The PDFs used during this case study are publicly available:

- [Fisher EWD/EWS/EWT Valves through NPS 12x8 Instruction Manual](https://www.emerson.com/documents/automation/instruction-manual-fisher-ewd-ews-ewt-valves-through-nps-12x8-en-124788.pdf)
- [Fieldvue DVC6200 HW2 Digital Valve Controller Instruction Manual](https://www.emerson.com/documents/automation/instruction-manual-fieldvue-dvc6200-hw2-digital-valve-controller-en-123052.pdf)

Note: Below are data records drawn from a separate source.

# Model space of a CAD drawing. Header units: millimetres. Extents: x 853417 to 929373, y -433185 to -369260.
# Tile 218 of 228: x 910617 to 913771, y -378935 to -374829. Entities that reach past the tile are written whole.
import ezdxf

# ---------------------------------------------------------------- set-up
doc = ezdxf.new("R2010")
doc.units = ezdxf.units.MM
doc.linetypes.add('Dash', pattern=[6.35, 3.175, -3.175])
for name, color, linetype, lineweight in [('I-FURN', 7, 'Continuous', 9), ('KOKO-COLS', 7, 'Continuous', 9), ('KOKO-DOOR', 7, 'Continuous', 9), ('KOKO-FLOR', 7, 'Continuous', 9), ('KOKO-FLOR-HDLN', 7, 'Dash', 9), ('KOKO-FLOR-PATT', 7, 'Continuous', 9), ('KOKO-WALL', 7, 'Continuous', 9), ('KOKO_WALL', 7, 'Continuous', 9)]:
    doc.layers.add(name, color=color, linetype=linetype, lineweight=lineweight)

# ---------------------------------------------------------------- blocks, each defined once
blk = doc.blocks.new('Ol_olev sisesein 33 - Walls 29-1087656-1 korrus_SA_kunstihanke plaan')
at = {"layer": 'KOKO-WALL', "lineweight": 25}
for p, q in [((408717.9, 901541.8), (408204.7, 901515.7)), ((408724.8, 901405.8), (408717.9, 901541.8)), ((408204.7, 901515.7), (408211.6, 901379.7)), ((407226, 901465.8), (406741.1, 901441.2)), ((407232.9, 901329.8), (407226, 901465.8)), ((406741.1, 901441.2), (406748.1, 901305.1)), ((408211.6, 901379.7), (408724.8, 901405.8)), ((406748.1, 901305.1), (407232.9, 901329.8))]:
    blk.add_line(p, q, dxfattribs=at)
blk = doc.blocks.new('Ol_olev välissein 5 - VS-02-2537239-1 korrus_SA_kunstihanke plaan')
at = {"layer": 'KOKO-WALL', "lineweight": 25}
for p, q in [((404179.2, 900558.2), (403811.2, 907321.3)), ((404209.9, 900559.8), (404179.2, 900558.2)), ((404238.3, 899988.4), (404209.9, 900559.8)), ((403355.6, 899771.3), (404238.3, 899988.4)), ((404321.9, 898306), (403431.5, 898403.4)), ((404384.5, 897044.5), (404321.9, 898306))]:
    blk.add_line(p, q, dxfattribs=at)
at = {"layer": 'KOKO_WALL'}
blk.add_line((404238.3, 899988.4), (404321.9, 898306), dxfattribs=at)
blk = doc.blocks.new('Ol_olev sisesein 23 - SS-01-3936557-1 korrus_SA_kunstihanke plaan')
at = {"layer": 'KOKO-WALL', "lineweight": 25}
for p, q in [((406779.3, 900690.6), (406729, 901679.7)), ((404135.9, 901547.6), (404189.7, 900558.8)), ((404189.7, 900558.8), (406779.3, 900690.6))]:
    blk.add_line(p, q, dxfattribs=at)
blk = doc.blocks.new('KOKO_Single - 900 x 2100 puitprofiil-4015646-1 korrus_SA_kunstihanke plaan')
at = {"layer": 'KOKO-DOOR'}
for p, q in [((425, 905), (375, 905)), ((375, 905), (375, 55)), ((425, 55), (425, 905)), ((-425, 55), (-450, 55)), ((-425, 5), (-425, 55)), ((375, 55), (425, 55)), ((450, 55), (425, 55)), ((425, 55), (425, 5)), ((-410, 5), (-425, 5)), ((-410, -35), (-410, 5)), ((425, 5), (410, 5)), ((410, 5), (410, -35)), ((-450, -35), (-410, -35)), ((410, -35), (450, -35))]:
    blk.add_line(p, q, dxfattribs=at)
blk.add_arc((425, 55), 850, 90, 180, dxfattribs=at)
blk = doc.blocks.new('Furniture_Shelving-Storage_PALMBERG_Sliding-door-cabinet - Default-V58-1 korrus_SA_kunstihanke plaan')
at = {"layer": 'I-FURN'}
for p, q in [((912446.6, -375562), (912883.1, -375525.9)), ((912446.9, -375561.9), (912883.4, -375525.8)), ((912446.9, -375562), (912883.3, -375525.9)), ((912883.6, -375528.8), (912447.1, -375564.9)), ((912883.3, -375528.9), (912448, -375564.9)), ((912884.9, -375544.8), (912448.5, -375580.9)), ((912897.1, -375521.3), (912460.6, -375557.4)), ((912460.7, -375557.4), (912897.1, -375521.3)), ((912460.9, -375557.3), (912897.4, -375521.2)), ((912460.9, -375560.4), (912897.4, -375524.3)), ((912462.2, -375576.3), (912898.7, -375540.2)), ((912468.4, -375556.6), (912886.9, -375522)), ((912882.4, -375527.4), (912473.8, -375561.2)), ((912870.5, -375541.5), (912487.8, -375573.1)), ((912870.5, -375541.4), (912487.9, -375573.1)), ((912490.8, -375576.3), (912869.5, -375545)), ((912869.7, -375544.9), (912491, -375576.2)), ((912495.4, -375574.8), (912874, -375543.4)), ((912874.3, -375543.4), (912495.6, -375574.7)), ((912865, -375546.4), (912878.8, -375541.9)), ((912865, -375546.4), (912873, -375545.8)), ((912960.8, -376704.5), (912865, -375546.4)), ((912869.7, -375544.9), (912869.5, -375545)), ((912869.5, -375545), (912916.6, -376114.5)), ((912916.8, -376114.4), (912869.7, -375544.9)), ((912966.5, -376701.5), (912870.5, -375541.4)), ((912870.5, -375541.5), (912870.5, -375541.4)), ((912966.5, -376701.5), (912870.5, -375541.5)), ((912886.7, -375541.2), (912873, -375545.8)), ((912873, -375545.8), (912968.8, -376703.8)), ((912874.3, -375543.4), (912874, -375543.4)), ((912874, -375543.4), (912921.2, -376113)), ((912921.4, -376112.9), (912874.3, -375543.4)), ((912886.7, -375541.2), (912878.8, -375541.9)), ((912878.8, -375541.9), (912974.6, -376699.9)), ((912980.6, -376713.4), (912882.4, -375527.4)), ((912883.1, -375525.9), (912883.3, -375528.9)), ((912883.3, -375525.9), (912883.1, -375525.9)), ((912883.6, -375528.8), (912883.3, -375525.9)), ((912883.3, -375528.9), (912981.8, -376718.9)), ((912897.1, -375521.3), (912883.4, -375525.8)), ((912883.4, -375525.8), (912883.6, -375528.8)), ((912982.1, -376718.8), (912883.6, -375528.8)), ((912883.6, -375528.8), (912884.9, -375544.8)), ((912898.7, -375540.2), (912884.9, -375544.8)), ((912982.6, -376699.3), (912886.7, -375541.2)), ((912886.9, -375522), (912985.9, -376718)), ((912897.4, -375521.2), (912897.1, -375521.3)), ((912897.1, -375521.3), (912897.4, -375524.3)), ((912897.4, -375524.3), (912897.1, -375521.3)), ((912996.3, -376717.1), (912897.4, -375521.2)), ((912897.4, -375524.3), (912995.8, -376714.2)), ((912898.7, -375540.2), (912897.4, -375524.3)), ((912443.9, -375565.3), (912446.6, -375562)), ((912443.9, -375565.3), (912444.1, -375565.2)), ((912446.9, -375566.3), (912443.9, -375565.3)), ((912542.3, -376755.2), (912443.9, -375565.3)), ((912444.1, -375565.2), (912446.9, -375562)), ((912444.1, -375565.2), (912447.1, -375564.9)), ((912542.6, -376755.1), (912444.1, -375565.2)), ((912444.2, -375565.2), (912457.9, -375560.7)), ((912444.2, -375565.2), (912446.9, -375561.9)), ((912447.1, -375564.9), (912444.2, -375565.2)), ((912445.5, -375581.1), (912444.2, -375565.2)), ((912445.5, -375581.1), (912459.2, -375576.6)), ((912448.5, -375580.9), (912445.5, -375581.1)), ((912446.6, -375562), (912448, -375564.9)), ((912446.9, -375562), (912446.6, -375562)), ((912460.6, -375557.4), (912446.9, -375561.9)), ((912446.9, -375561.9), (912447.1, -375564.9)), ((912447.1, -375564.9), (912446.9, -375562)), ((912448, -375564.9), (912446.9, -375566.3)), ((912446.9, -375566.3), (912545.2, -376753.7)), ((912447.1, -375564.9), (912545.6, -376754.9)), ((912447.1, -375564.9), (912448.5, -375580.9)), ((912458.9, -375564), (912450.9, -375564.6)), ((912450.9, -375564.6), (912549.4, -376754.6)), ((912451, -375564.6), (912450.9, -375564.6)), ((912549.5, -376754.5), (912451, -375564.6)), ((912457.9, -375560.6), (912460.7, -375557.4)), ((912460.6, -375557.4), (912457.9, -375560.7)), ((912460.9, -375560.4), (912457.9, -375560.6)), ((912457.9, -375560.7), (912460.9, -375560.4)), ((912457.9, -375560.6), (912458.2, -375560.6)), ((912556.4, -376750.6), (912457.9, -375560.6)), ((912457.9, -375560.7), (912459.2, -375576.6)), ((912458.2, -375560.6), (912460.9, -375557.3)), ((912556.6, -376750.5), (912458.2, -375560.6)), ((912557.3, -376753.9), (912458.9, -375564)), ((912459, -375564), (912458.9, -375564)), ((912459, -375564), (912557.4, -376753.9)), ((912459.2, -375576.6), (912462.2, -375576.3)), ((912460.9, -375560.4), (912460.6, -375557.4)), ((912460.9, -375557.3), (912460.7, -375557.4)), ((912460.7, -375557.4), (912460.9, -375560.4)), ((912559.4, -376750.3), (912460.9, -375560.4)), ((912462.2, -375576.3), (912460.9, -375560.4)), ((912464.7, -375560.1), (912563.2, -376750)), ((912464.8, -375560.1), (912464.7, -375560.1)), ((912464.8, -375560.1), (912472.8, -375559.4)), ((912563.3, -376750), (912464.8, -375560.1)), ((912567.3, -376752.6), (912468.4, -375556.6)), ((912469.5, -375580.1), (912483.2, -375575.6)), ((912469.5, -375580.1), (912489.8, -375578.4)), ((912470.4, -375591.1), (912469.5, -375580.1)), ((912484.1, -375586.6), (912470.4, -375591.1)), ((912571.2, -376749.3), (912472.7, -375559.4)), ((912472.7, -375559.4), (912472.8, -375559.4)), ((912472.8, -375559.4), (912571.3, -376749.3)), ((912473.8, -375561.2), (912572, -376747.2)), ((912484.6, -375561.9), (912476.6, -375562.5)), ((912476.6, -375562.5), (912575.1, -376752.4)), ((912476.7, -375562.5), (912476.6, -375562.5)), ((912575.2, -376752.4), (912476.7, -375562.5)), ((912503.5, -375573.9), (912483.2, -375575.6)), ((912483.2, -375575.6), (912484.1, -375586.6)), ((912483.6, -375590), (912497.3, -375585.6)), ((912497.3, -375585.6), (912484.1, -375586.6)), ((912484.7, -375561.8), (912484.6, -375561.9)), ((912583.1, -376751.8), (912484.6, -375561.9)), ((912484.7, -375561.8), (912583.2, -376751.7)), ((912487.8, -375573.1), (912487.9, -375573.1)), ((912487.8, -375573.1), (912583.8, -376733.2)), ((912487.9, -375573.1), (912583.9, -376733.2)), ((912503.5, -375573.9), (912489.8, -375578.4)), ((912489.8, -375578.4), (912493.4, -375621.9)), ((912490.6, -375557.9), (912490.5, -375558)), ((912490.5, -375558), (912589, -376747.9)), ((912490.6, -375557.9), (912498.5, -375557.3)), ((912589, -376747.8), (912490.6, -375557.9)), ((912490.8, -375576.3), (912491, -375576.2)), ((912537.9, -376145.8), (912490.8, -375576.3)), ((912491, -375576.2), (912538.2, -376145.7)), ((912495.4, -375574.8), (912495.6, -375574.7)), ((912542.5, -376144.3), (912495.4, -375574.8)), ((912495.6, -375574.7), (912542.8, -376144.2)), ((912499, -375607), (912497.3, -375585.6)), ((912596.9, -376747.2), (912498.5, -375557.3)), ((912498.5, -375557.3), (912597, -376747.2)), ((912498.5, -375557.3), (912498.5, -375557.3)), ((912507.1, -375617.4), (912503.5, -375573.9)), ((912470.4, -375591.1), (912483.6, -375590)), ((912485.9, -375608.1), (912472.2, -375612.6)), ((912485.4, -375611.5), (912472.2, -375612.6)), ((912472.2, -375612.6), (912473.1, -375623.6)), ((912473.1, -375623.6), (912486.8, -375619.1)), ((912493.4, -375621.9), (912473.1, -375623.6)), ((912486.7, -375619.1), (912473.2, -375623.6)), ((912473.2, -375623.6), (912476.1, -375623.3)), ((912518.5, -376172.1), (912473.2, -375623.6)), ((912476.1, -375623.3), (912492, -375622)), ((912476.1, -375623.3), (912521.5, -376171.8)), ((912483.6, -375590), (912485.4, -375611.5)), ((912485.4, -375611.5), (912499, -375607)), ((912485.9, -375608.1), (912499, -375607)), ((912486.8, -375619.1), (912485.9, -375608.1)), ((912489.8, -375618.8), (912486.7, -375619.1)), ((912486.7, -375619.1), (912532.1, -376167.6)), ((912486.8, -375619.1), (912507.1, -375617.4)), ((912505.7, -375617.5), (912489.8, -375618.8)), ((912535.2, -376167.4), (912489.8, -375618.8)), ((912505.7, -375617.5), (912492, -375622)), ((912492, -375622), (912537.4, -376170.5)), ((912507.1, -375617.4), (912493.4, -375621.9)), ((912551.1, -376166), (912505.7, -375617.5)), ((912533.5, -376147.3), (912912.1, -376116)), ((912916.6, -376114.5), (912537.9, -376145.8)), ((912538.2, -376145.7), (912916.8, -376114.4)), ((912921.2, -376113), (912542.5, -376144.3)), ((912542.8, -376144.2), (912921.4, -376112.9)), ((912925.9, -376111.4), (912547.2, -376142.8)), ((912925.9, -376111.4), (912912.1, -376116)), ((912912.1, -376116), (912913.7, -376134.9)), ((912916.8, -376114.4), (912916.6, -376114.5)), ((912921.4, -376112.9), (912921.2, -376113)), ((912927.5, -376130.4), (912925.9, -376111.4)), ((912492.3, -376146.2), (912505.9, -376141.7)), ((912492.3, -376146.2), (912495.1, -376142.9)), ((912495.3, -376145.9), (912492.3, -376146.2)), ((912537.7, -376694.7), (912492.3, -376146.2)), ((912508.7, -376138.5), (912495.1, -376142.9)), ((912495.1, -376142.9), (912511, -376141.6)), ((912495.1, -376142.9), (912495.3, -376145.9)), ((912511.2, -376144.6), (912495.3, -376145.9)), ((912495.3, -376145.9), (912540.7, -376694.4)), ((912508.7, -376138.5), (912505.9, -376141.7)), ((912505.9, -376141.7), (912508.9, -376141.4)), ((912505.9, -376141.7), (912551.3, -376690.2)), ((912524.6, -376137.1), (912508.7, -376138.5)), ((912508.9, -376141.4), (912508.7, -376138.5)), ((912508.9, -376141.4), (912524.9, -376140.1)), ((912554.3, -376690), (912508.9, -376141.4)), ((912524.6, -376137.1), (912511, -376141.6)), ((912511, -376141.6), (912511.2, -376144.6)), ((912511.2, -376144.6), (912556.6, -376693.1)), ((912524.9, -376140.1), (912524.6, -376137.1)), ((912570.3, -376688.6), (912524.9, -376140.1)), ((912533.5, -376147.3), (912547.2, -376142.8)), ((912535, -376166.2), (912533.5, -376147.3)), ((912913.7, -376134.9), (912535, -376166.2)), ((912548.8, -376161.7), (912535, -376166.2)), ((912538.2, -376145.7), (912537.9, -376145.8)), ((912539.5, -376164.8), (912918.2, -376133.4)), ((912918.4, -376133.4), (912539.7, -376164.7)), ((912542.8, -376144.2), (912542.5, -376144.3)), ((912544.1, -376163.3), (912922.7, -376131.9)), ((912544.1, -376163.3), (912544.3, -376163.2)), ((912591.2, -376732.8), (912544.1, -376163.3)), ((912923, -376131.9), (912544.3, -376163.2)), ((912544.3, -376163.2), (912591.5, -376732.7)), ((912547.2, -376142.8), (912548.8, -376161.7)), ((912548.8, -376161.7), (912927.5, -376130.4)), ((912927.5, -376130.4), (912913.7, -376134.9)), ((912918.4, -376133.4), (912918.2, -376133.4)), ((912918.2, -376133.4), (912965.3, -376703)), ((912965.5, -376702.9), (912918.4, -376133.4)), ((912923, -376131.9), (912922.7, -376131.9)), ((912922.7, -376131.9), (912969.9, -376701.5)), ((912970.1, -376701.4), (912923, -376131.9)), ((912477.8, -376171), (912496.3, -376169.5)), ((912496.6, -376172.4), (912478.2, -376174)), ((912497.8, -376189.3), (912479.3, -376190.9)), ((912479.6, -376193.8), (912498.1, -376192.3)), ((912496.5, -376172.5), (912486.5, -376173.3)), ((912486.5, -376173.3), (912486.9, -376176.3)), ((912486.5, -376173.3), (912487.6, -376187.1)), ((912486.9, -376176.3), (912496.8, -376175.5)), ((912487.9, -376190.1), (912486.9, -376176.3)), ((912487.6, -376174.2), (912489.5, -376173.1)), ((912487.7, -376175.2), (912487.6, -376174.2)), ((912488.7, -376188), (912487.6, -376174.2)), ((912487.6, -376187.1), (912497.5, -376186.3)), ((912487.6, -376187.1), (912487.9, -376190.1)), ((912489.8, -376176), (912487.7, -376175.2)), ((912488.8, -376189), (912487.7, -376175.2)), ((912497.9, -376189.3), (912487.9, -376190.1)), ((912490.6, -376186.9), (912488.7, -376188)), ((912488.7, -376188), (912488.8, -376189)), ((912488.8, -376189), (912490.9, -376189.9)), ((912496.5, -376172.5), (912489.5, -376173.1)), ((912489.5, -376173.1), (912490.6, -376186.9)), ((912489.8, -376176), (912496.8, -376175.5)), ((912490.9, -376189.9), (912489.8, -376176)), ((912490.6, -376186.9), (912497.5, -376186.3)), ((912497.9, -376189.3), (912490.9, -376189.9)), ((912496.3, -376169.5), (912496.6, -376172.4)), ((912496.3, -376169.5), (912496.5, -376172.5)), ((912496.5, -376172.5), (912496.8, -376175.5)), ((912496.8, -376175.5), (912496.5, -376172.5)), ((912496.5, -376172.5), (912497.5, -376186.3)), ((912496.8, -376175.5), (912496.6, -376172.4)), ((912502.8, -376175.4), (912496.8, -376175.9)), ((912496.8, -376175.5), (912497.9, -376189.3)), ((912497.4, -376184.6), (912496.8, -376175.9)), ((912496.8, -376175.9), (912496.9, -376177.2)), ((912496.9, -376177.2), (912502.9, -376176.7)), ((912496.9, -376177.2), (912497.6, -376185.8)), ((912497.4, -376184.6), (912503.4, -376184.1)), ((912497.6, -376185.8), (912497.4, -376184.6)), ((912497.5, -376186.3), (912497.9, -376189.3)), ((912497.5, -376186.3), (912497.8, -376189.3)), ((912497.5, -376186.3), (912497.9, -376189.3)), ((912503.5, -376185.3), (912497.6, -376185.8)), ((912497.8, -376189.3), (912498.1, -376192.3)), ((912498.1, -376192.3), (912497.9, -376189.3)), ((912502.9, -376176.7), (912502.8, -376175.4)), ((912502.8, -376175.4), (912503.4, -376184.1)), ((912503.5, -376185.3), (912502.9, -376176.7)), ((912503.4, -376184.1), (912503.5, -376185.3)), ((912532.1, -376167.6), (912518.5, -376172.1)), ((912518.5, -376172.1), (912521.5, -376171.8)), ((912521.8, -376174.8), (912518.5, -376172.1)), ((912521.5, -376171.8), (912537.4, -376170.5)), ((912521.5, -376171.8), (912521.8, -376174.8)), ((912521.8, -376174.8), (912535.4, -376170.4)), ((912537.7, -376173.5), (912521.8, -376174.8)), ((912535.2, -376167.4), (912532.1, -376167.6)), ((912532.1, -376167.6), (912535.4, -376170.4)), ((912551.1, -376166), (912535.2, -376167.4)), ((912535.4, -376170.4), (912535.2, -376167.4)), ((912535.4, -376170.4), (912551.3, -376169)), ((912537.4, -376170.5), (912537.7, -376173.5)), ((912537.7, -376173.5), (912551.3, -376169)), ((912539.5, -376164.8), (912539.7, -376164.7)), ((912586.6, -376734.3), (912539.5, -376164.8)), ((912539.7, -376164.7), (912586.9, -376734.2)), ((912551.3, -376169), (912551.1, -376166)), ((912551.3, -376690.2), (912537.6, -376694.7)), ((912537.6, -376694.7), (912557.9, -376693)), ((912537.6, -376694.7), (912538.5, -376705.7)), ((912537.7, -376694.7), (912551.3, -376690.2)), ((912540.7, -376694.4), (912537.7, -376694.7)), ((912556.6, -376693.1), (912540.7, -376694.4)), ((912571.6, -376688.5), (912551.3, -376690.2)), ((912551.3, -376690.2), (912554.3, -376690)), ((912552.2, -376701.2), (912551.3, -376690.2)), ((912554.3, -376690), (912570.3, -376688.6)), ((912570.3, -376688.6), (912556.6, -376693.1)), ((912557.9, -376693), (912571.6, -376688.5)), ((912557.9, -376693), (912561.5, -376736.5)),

These documents were chosen due to their complexity, particularly in terms of tables and interpretation of graphs. To follow along with this notebook, please download these files and upload them to your blob storage container.

## 📋 Table of Contents

This notebook guides you through the following sections:

1. [**Optical Character Recognition (OCR) with Azure AI Document Intelligence**](#optical-character-recognition-ocr-with-azure-ai-document-intelligence): Overview of Azure's Document Analysis Client and its pre-trained models for document analysis.

2. [**Understanding Data Extracted from the Layout Model**](#understanding-data-extracted-from-the-layout-model): Insights into the data extracted from the layout model.
    - [**Custom Logic for Processing Extracted Information**](#custom-logic-for-processing-extracted-information): Discusses the need for custom logic to process the extracted information based on specific use cases and requirements.
    - [**Leveraging LangChain Integration**](#leveraging-langchain-integration): Explanation of how Retrieval-Augmented Generation (RAG) works with a pretrained Large Language Model (LLM) and an external data retrieval system for dynamic interaction with documents and content generation.

In [1]:
import os

# Define the target directory
target_directory = r"C:\Users\pablosal\Desktop\gbbai-azure-ai-document-intelligence"  # change your directory here

# Check if the directory exists
if os.path.exists(target_directory):
    # Change the current working directory
    os.chdir(target_directory)
    print(f"Directory changed to {os.getcwd()}")
else:
    print(f"Directory {target_directory} does not exist.")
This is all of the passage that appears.